The dataset is provided as a zipped .csv file. The is essentially a matrix of 16996 rows by 473 columns. The first column provides the rownames, each subsequent column is a digital PCR reaction. The rows contain the following information:

  • react-ID : 1 to 472. Numerical identifier of each reaction.
  • plate-ID: 1 to 9. Numerical identifier of each plate. A total of 9 plates was run, representing the different experiments in the dataset. Plate 1 tests all PCR targets in 4 repeats using qPCR validated conditions. Plate 2 is the primer/probe concentration gradient. Plate 3 is the "rain" dilution series. Plate 4 tests the PCR enhancers. Plate 5 is the cycle gradient. Plate 6 is the sonication gradient. Plate 7 is the annealing temperature gradient. Plate 8 tests digital touchdown PCR. Plate 9 is the final run of reactions under optimized conditions.
  • target : name of the PCR target
  • Primers : Primer concentration in nM
  • Probe : Probe concentration in nM
  • Anneal : Annealing temperature used during the run.
  • Touchdown : Was digital touchdown PCR used?
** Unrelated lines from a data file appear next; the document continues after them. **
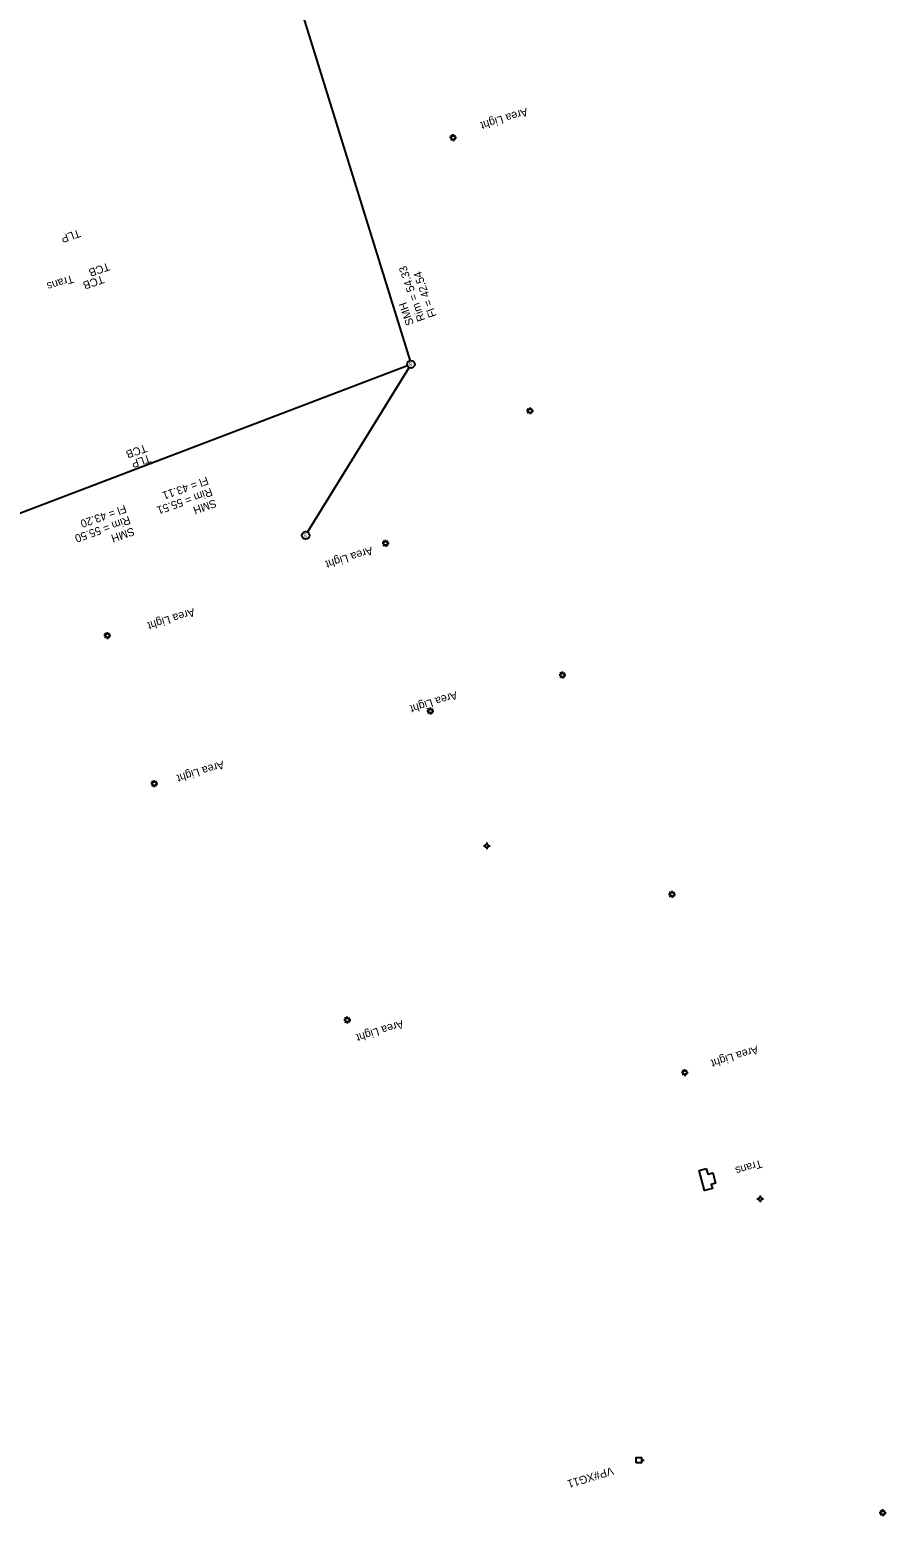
# Model space of a CAD drawing. Extents: x 3872070 to 3879223, y 293944 to 310567.
# Drawn here: x 3875034 to 3875355, y 305445 to 306002 of the extents above; entities that cross this region are included whole.
import ezdxf

# ---------------------------------------------------------------- set-up
doc = ezdxf.new("R2010")
doc.units = 0
for name, color, linetype in [('Level 3', 7, 'Continuous'), ('Level 33', 7, 'Continuous'), ('Level 34', 7, 'Continuous'), ('Level 39', 7, 'Continuous'), ('Level 4', 7, 'Continuous'), ('Level 5', 7, 'Continuous')]:
    doc.layers.add(name, color=color, linetype=linetype)

msp = doc.modelspace()

# ---------------------------------------------------------------- linework, layer by layer
at = {"layer": 'Level 3'}
for p, q in [((3875176.36, 305878.22), (3875111.39, 306087.65)), ((3875174.8, 305876.27), (3875020.61, 305817.48)), ((3875137.72, 305814.13), (3875175.9, 305875.76))]:
    msp.add_line(p, q, dxfattribs=at)
for centre in [(3875176.54, 305876.99), (3875137.08, 305812.87)]:
    msp.add_circle(centre, 1.41, dxfattribs=at)
at = {"layer": 'Level 4'}
for p, q in [((3875191.6, 305961.94), (3875191.03, 305961.94)), ((3875191.81, 305962.45), (3875191.41, 305962.86)), ((3875192.33, 305962.66), (3875192.33, 305963.24)), ((3875192.84, 305962.45), (3875193.25, 305962.86)), ((3875193.05, 305961.94), (3875193.63, 305961.94)), ((3875191.41, 305961.02), (3875191.81, 305961.42)), ((3875192.33, 305961.21), (3875192.33, 305960.64)), ((3875193.25, 305961.02), (3875192.84, 305961.42)), ((3875220.43, 305859.54), (3875219.86, 305859.54)), ((3875220.64, 305860.06), (3875220.24, 305860.46)), ((3875220.24, 305858.62), (3875220.64, 305859.03)), ((3875221.16, 305860.27), (3875221.16, 305860.84)), ((3875221.16, 305858.82), (3875221.16, 305858.24)), ((3875221.67, 305860.06), (3875222.08, 305860.46)), ((3875222.08, 305858.62), (3875221.67, 305859.03)), ((3875221.88, 305859.54), (3875222.46, 305859.54)), ((3875166.28, 305809.89), (3875165.71, 305809.89)), ((3875166.49, 305810.41), (3875166.09, 305810.81)), ((3875166.09, 305808.98), (3875166.49, 305809.38)), ((3875167.01, 305810.62), (3875167.01, 305811.19)), ((3875167.01, 305809.17), (3875167.01, 305808.59)), ((3875167.52, 305810.41), (3875167.93, 305810.81)), ((3875167.93, 305808.98), (3875167.52, 305809.38)), ((3875167.73, 305809.89), (3875168.31, 305809.89)), ((3875062.07, 305775.32), (3875061.5, 305775.32)), ((3875062.29, 305775.84), (3875061.88, 305776.24)), ((3875061.88, 305774.41), (3875062.29, 305774.81)), ((3875062.8, 305776.05), (3875062.8, 305776.62)), ((3875062.8, 305774.6), (3875062.8, 305774.02)), ((3875063.31, 305775.84), (3875063.72, 305776.24)), ((3875063.72, 305774.41), (3875063.31, 305774.81)), ((3875063.52, 305775.32), (3875064.1, 305775.32)), ((3875232.8, 305761.03), (3875232.39, 305761.44)), ((3875233.31, 305761.24), (3875233.31, 305761.82)), ((3875233.82, 305761.03), (3875234.23, 305761.44)), ((3875232.58, 305760.52), (3875232.01, 305760.52)), ((3875232.39, 305759.6), (3875232.8, 305760.01)), ((3875233.31, 305759.79), (3875233.31, 305759.22)), ((3875234.23, 305759.6), (3875233.82, 305760.01)), ((3875234.03, 305760.52), (3875234.61, 305760.52)), ((3875183.1, 305747.03), (3875182.52, 305747.03)), ((3875183.31, 305747.54), (3875182.91, 305747.95)), ((3875182.91, 305746.11), (3875183.31, 305746.52)), ((3875183.83, 305747.75), (3875183.83, 305748.33)), ((3875183.83, 305746.3), (3875183.83, 305745.73)), ((3875184.34, 305747.54), (3875184.74, 305747.95)), ((3875184.74, 305746.11), (3875184.34, 305746.52)), ((3875184.55, 305747.03), (3875185.12, 305747.03)), ((3875079.64, 305719.82), (3875079.06, 305719.82)), ((3875079.85, 305720.34), (3875079.44, 305720.74)), ((3875079.44, 305718.91), (3875079.85, 305719.31)), ((3875080.36, 305720.55), (3875080.36, 305721.12)), ((3875080.36, 305719.1), (3875080.36, 305718.52)), ((3875080.87, 305720.34), (3875081.28, 305720.74)), ((3875081.28, 305718.91), (3875080.87, 305719.31)), ((3875081.09, 305719.82), (3875081.66, 305719.82)), ((3875273.66, 305678.3), (3875273.08, 305678.3)), ((3875273.87, 305678.81), (3875273.46, 305679.22)), ((3875273.46, 305677.38), (3875273.87, 305677.79)), ((3875274.38, 305679.02), (3875274.38, 305679.6)), ((3875274.38, 305677.57), (3875274.38, 305677)), ((3875274.9, 305678.81), (3875275.3, 305679.22)), ((3875275.3, 305677.38), (3875274.9, 305677.79)), ((3875275.11, 305678.3), (3875275.68, 305678.3)), ((3875151.95, 305631.25), (3875151.38, 305631.25)), ((3875152.16, 305631.76), (3875151.76, 305632.17)), ((3875151.76, 305630.33), (3875152.16, 305630.74)), ((3875152.68, 305631.97), (3875152.68, 305632.55)), ((3875152.68, 305630.52), (3875152.68, 305629.95)), ((3875153.19, 305631.76), (3875153.6, 305632.17)), ((3875153.6, 305630.33), (3875153.19, 305630.74)), ((3875153.4, 305631.25), (3875153.98, 305631.25)), ((3875278.43, 305611.54), (3875277.85, 305611.54)), ((3875278.64, 305612.05), (3875278.23, 305612.46)), ((3875278.23, 305610.62), (3875278.64, 305611.03)), ((3875279.15, 305612.27), (3875279.15, 305612.84)), ((3875279.15, 305610.82), (3875279.15, 305610.24)), ((3875279.67, 305612.05), (3875280.07, 305612.46)), ((3875280.07, 305610.62), (3875279.67, 305611.03)), ((3875279.88, 305611.54), (3875280.45, 305611.54)), ((3875262.94, 305466.24), (3875263.94, 305466.24)), ((3875352.6, 305446.53), (3875352.03, 305446.53)), ((3875352.81, 305447.04), (3875352.41, 305447.45)), ((3875352.41, 305445.61), (3875352.81, 305446.02)), ((3875353.33, 305447.26), (3875353.33, 305447.83)), ((3875353.33, 305445.8), (3875353.33, 305445.23)), ((3875353.84, 305447.04), (3875354.25, 305447.45)), ((3875354.25, 305445.61), (3875353.84, 305446.02)), ((3875354.05, 305446.53), (3875354.63, 305446.53))]:
    msp.add_line(p, q, dxfattribs=at)
msp.add_lwpolyline([(3875287.2, 305575.53), (3875287.76, 305573.45), (3875289.6, 305573.94), (3875290.64, 305570.03), (3875289.08, 305569.61), (3875289.49, 305568.11), (3875286.52, 305567.32), (3875284.52, 305574.81), (3875287.2, 305575.53)], dxfattribs=at)
msp.add_lwpolyline([(3875260.94, 305465.24), (3875260.94, 305467.24), (3875262.94, 305467.24), (3875262.94, 305465.24)], close=True, dxfattribs=at)
for centre in [(3875192.33, 305961.94), (3875221.16, 305859.54), (3875167.01, 305809.89), (3875062.8, 305775.32), (3875233.31, 305760.52), (3875183.83, 305747.03), (3875080.36, 305719.82), (3875274.38, 305678.3), (3875152.68, 305631.25), (3875279.15, 305611.54), (3875353.33, 305446.53)]:
    msp.add_circle(centre, 0.725, dxfattribs=at)
at = {"layer": 'Level 5'}
for p, q in [((3875203.68, 305696.46), (3875204.3, 305696.46)), ((3875204.93, 305697.71), (3875204.93, 305697.08)), ((3875204.93, 305695.84), (3875204.93, 305695.21)), ((3875205.54, 305696.46), (3875206.18, 305696.46)), ((3875306.19, 305564.16), (3875306.81, 305564.16)), ((3875307.44, 305565.41), (3875307.44, 305564.78)), ((3875307.44, 305563.54), (3875307.44, 305562.91)), ((3875308.06, 305564.16), (3875308.69, 305564.16))]:
    msp.add_line(p, q, dxfattribs=at)
for centre in [(3875204.93, 305696.46), (3875307.44, 305564.16)]:
    msp.add_circle(centre, 0.625, dxfattribs=at)

# ---------------------------------------------------------------- texts
at = {"layer": 'Level 3'}
for p in [(3875177.01, 305877.7), (3875137.56, 305813.58)]:
    msp.add_text('S', height=1.41, rotation=180, dxfattribs=at).set_placement(p)
at = {"layer": 'Level 33'}
for s, rotation, p in [('Rim = 54.33', 109.4366, (3875181.94, 305893.65)), ('Fl = 42.54', 109.4366, (3875186.18, 305895.14)), ('SMH', 109.4366, (3875177.69, 305892.15)), ('Fl = 43.11', 199.4366, (3875100.02, 305834.95)), ('Rim = 55.51', 199.4366, (3875101.52, 305830.71)), ('Fl = 43.20', 199.4366, (3875069.29, 305824.4)), ('SMH', 199.4366, (3875103.02, 305826.47)), ('Rim = 55.50', 199.4366, (3875070.79, 305820.16)), ('SMH', 199.4366, (3875072.29, 305815.91))]:
    msp.add_text(s, height=3, rotation=rotation, dxfattribs=at).set_placement(p)
at = {"layer": 'Level 34'}
for s, rotation, p in [('Area Light', 197.2497, (3875219.78, 305973.12)), ('Trans', 197.4877, (3875049.59, 305910.51)), ('Area Light', 197.2497, (3875161.71, 305808.66)), ('Area Light', 197.2497, (3875095.01, 305785.64)), ('Area Light', 197.2497, (3875193.39, 305754.47)), ('Area Light', 197.2497, (3875106.01, 305728.45)), ('Area Light', 197.2497, (3875173.23, 305631.24)), ('Area Light', 197.2497, (3875306.15, 305621.65)), ('Trans', 196.5167, (3875307.63, 305578.9)), ('VP#XG11', 196.9281, (3875251.92, 305463.8))]:
    msp.add_text(s, height=3, rotation=rotation, dxfattribs=at).set_placement(p)
at = {"layer": 'Level 39'}
for s, p in [('TLP', (3875052.04, 305927.65)), ('TCB', (3875063.05, 305915.19)), ('TCB', (3875060.89, 305910.39)), ('TCB', (3875076.97, 305847.08)), ('TLP', (3875078.41, 305843.24))]:
    msp.add_text(s, height=3, rotation=199.1512, dxfattribs=at).set_placement(p)

doc.saveas('drawing.dxf')

Either Y or N.
  • Enhancer : PCR enhancer that was added to the reaction. NA if no enhancer was used.
  • Cycles : Number of cycles run.
  • Sonication : Amount of sonication (in seconds). NA if the sample was not sonicated.
  • FU0001 to FU16985 : The droplet fluorescence values. In case there are less than 16985 droplets in a reaction, NA is used to padd the column.

If these descriptions do not seem meaningful, you might want to read our publication (link) for more background on the experiments.